## [Exercise instructions]
Produce as output only the lines below starting at the line with "Bottom Layer w0.15: J2.7@60.3,38.78" and continuing through the line with "Top Layer w0.15: J3A.1@164.9,126.81", each one exactly as written.

[Records drawn from a dataset]
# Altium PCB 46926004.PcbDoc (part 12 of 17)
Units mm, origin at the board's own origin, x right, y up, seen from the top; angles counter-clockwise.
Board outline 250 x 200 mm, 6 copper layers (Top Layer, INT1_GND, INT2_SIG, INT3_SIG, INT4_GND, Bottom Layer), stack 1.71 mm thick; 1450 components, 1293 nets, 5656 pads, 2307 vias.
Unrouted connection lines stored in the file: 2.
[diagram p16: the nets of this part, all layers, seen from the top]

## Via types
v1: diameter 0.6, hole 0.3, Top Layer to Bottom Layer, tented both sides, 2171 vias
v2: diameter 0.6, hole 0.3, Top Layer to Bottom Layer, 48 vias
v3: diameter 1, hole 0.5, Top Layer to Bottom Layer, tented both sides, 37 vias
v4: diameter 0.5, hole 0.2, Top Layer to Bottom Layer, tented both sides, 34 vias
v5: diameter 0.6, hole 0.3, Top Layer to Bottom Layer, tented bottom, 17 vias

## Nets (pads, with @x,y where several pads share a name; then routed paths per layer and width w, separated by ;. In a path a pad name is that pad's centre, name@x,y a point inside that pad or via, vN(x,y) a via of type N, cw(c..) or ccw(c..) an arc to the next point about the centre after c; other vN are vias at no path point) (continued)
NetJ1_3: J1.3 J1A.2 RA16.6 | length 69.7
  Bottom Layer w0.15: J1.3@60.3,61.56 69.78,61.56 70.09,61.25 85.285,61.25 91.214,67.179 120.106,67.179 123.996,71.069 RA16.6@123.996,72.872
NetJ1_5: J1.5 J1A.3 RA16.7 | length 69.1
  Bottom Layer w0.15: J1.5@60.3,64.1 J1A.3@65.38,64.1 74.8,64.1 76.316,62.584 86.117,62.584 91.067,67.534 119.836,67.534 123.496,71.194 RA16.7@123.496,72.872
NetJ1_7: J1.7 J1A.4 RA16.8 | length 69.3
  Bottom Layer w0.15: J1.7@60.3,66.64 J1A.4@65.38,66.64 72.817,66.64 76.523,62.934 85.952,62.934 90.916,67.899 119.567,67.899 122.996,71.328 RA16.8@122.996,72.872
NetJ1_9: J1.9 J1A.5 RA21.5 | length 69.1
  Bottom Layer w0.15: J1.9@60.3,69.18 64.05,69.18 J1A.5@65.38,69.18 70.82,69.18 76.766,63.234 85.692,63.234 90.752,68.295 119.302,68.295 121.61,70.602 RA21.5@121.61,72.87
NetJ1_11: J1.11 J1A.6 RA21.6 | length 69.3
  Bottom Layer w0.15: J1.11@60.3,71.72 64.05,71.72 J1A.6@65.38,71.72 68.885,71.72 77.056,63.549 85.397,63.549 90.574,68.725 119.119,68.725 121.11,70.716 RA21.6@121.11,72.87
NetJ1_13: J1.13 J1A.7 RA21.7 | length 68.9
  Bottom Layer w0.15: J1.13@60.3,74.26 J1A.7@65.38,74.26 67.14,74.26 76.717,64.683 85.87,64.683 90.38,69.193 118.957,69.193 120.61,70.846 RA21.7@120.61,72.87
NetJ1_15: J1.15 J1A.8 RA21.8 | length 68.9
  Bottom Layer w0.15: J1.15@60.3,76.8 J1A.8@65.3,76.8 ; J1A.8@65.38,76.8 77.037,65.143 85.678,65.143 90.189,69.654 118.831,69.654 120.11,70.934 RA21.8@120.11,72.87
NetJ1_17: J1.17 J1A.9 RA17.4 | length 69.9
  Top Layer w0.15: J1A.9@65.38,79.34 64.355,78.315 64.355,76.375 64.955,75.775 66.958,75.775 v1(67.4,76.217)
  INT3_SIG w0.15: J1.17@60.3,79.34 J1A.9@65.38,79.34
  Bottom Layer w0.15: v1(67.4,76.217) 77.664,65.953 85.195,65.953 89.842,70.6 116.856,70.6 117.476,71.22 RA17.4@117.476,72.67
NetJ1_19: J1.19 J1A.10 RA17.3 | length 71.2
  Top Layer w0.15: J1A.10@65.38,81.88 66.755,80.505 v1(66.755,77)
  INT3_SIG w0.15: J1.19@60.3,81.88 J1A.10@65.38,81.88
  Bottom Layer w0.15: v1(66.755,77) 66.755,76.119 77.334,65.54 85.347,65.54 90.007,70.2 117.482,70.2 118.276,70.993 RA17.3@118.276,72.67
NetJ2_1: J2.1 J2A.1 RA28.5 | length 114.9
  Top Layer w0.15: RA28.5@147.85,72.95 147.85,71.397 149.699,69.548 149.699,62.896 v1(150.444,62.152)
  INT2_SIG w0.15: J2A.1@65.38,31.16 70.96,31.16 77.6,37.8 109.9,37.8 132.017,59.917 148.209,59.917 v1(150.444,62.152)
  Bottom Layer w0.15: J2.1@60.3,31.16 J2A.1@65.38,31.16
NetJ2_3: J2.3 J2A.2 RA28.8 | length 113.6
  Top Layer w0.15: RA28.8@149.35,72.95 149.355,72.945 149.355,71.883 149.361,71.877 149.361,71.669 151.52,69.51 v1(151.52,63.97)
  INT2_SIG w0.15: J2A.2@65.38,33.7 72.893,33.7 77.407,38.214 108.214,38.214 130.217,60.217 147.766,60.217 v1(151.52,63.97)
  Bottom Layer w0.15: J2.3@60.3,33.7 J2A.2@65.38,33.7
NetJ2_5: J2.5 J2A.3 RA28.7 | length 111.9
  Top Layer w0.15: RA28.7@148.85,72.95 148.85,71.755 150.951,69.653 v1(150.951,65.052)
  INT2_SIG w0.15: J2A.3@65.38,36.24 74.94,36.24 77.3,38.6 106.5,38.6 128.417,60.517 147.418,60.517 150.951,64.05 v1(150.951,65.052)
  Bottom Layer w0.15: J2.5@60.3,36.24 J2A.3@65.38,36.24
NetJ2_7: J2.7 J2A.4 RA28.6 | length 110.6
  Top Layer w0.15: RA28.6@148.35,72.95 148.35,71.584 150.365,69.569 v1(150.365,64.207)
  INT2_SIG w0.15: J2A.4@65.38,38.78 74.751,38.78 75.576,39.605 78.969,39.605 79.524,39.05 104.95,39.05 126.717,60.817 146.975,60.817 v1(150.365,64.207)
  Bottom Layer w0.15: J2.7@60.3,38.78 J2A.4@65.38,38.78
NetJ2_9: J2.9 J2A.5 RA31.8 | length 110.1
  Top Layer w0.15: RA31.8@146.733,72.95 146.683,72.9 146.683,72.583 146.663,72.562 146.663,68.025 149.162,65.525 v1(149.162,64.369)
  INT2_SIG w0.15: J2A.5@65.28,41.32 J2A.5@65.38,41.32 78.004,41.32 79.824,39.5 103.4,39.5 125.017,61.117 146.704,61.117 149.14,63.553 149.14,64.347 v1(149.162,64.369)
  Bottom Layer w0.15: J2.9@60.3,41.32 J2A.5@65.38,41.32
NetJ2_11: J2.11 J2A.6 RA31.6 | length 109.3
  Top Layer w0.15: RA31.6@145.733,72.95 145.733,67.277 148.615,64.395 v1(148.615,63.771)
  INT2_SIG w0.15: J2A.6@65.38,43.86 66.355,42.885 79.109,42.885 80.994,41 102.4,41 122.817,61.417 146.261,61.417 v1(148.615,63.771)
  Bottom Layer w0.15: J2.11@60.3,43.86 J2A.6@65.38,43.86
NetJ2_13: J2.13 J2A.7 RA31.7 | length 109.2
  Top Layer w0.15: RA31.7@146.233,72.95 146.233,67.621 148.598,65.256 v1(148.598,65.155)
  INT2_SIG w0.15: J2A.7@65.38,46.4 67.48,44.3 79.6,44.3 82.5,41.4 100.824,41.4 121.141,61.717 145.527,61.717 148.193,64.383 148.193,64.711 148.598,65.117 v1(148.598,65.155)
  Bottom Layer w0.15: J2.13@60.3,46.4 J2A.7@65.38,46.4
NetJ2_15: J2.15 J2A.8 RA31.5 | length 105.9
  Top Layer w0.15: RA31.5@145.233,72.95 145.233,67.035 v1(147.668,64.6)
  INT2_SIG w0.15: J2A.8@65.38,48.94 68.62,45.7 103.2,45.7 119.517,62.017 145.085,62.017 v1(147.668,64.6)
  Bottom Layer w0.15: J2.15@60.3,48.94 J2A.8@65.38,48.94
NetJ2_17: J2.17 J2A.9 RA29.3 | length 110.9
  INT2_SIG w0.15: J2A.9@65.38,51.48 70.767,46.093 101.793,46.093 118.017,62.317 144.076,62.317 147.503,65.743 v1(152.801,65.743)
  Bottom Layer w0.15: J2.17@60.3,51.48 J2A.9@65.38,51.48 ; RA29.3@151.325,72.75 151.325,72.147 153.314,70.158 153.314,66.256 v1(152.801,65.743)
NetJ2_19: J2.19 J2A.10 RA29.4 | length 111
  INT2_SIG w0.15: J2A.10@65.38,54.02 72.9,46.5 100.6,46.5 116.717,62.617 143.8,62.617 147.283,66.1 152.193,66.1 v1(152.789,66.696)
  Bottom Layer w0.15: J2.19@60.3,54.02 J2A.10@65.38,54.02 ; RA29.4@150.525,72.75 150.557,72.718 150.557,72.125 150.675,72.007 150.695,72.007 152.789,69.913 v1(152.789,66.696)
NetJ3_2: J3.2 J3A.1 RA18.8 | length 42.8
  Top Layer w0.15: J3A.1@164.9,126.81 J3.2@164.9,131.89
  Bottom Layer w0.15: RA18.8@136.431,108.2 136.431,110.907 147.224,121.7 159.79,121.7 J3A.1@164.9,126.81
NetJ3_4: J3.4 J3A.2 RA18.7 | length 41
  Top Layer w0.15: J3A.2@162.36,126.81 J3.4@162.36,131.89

## [Your solution]
  Bottom Layer w0.15: J2.7@60.3,38.78 J2A.4@65.38,38.78
NetJ2_9: J2.9 J2A.5 RA31.8 | length 110.1
  Top Layer w0.15: RA31.8@146.733,72.95 146.683,72.9 146.683,72.583 146.663,72.562 146.663,68.025 149.162,65.525 v1(149.162,64.369)
  INT2_SIG w0.15: J2A.5@65.28,41.32 J2A.5@65.38,41.32 78.004,41.32 79.824,39.5 103.4,39.5 125.017,61.117 146.704,61.117 149.14,63.553 149.14,64.347 v1(149.162,64.369)
  Bottom Layer w0.15: J2.9@60.3,41.32 J2A.5@65.38,41.32
NetJ2_11: J2.11 J2A.6 RA31.6 | length 109.3
  Top Layer w0.15: RA31.6@145.733,72.95 145.733,67.277 148.615,64.395 v1(148.615,63.771)
  INT2_SIG w0.15: J2A.6@65.38,43.86 66.355,42.885 79.109,42.885 80.994,41 102.4,41 122.817,61.417 146.261,61.417 v1(148.615,63.771)
  Bottom Layer w0.15: J2.11@60.3,43.86 J2A.6@65.38,43.86
NetJ2_13: J2.13 J2A.7 RA31.7 | length 109.2
  Top Layer w0.15: RA31.7@146.233,72.95 146.233,67.621 148.598,65.256 v1(148.598,65.155)
  INT2_SIG w0.15: J2A.7@65.38,46.4 67.48,44.3 79.6,44.3 82.5,41.4 100.824,41.4 121.141,61.717 145.527,61.717 148.193,64.383 148.193,64.711 148.598,65.117 v1(148.598,65.155)
  Bottom Layer w0.15: J2.13@60.3,46.4 J2A.7@65.38,46.4
NetJ2_15: J2.15 J2A.8 RA31.5 | length 105.9
  Top Layer w0.15: RA31.5@145.233,72.95 145.233,67.035 v1(147.668,64.6)
  INT2_SIG w0.15: J2A.8@65.38,48.94 68.62,45.7 103.2,45.7 119.517,62.017 145.085,62.017 v1(147.668,64.6)
  Bottom Layer w0.15: J2.15@60.3,48.94 J2A.8@65.38,48.94
NetJ2_17: J2.17 J2A.9 RA29.3 | length 110.9
  INT2_SIG w0.15: J2A.9@65.38,51.48 70.767,46.093 101.793,46.093 118.017,62.317 144.076,62.317 147.503,65.743 v1(152.801,65.743)
  Bottom Layer w0.15: J2.17@60.3,51.48 J2A.9@65.38,51.48 ; RA29.3@151.325,72.75 151.325,72.147 153.314,70.158 153.314,66.256 v1(152.801,65.743)
NetJ2_19: J2.19 J2A.10 RA29.4 | length 111
  INT2_SIG w0.15: J2A.10@65.38,54.02 72.9,46.5 100.6,46.5 116.717,62.617 143.8,62.617 147.283,66.1 152.193,66.1 v1(152.789,66.696)
  Bottom Layer w0.15: J2.19@60.3,54.02 J2A.10@65.38,54.02 ; RA29.4@150.525,72.75 150.557,72.718 150.557,72.125 150.675,72.007 150.695,72.007 152.789,69.913 v1(152.789,66.696)
NetJ3_2: J3.2 J3A.1 RA18.8 | length 42.8
  Top Layer w0.15: J3A.1@164.9,126.81 J3.2@164.9,131.89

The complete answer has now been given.